Task item: Please give back the listing exactly, without any of its pictures.

★ ★ ★ ★ ★ ★ ★

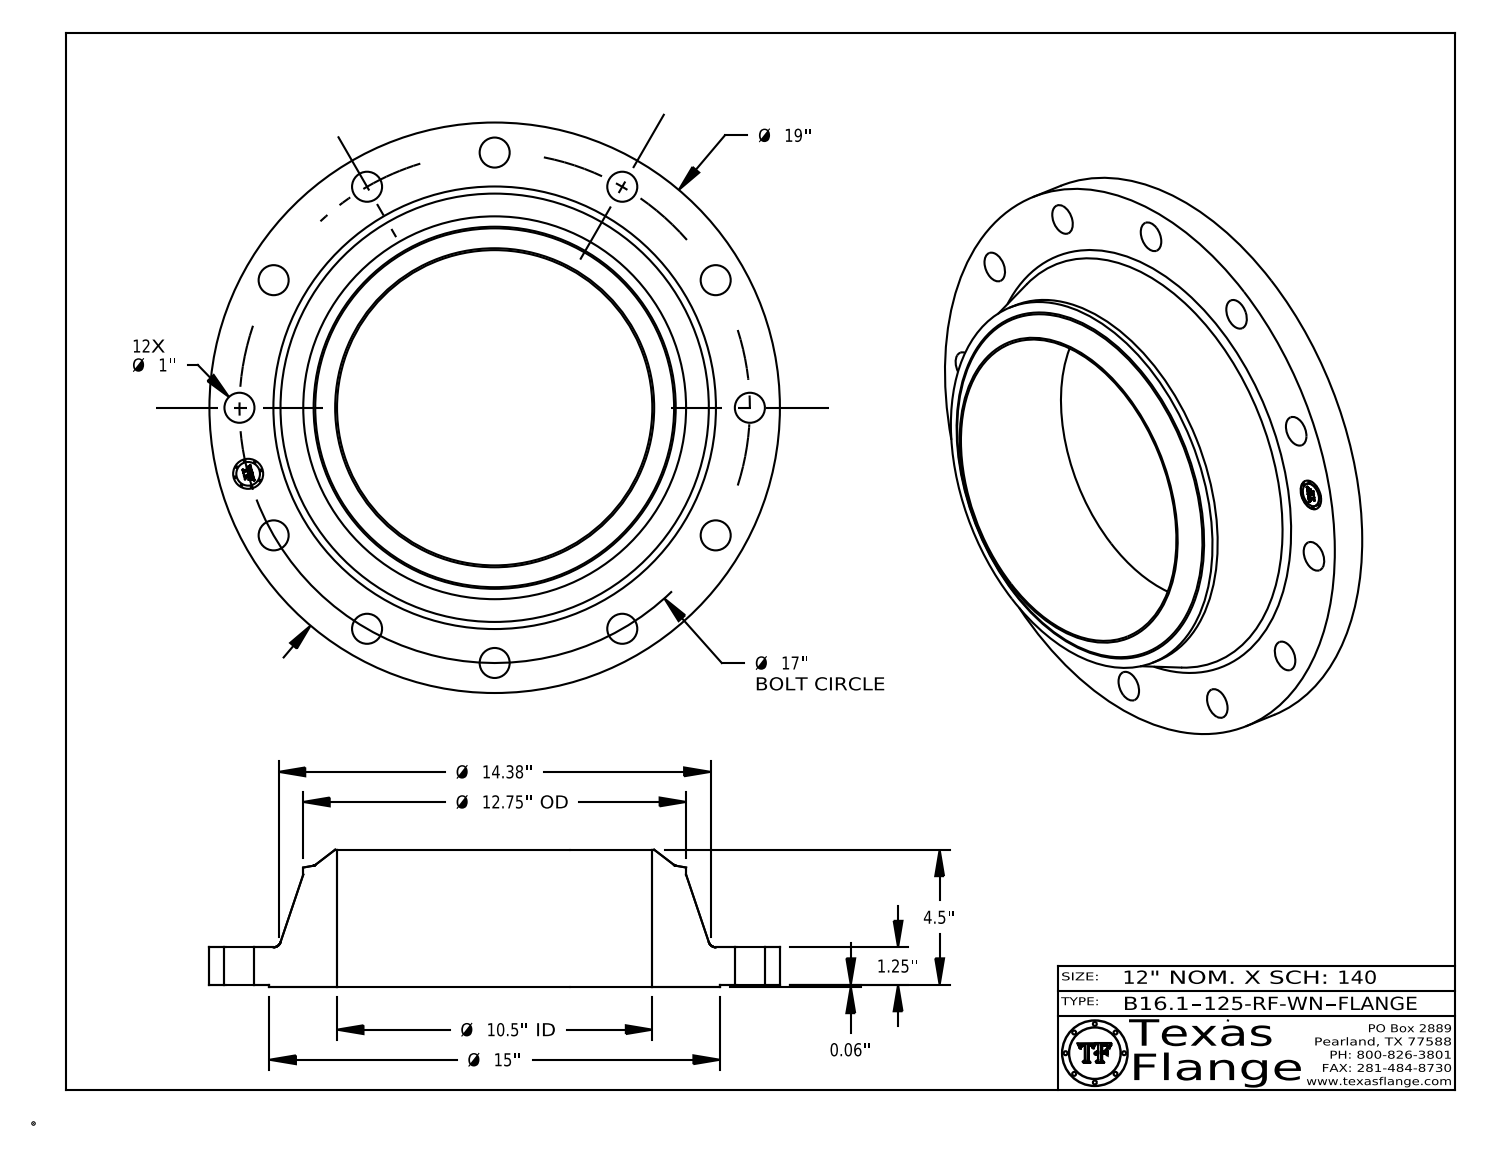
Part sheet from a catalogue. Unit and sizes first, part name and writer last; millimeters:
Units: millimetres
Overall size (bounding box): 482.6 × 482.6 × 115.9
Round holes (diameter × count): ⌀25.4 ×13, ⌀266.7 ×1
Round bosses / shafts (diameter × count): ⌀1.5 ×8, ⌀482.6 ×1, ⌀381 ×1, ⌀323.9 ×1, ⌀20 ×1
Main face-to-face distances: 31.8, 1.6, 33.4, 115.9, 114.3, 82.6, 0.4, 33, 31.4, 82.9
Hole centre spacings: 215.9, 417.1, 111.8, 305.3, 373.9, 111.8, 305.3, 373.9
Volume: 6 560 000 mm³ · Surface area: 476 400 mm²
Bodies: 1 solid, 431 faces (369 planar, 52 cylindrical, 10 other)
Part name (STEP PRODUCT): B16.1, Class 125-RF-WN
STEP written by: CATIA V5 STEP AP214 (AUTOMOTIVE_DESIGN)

★ ★ ★ ★ ★ ★ ★

Output for this exercise:
Part sheet from a catalogue. Unit and sizes first, part name and writer last; millimeters:
Units: millimetres
Overall size (bounding box): 482.6 × 482.6 × 115.9
Round holes (diameter × count): ⌀25.4 ×13, ⌀266.7 ×1
Round bosses / shafts (diameter × count): ⌀1.5 ×8, ⌀482.6 ×1, ⌀381 ×1, ⌀323.9 ×1, ⌀20 ×1
Main face-to-face distances: 31.8, 1.6, 33.4, 115.9, 114.3, 82.6, 0.4, 33, 31.4, 82.9
Hole centre spacings: 215.9, 417.1, 111.8, 305.3, 373.9, 111.8, 305.3, 373.9
Volume: 6 560 000 mm³ · Surface area: 476 400 mm²
Bodies: 1 solid, 431 faces (369 planar, 52 cylindrical, 10 other)
Part name (STEP PRODUCT): B16.1, Class 125-RF-WN
STEP written by: CATIA V5 STEP AP214 (AUTOMOTIVE_DESIGN)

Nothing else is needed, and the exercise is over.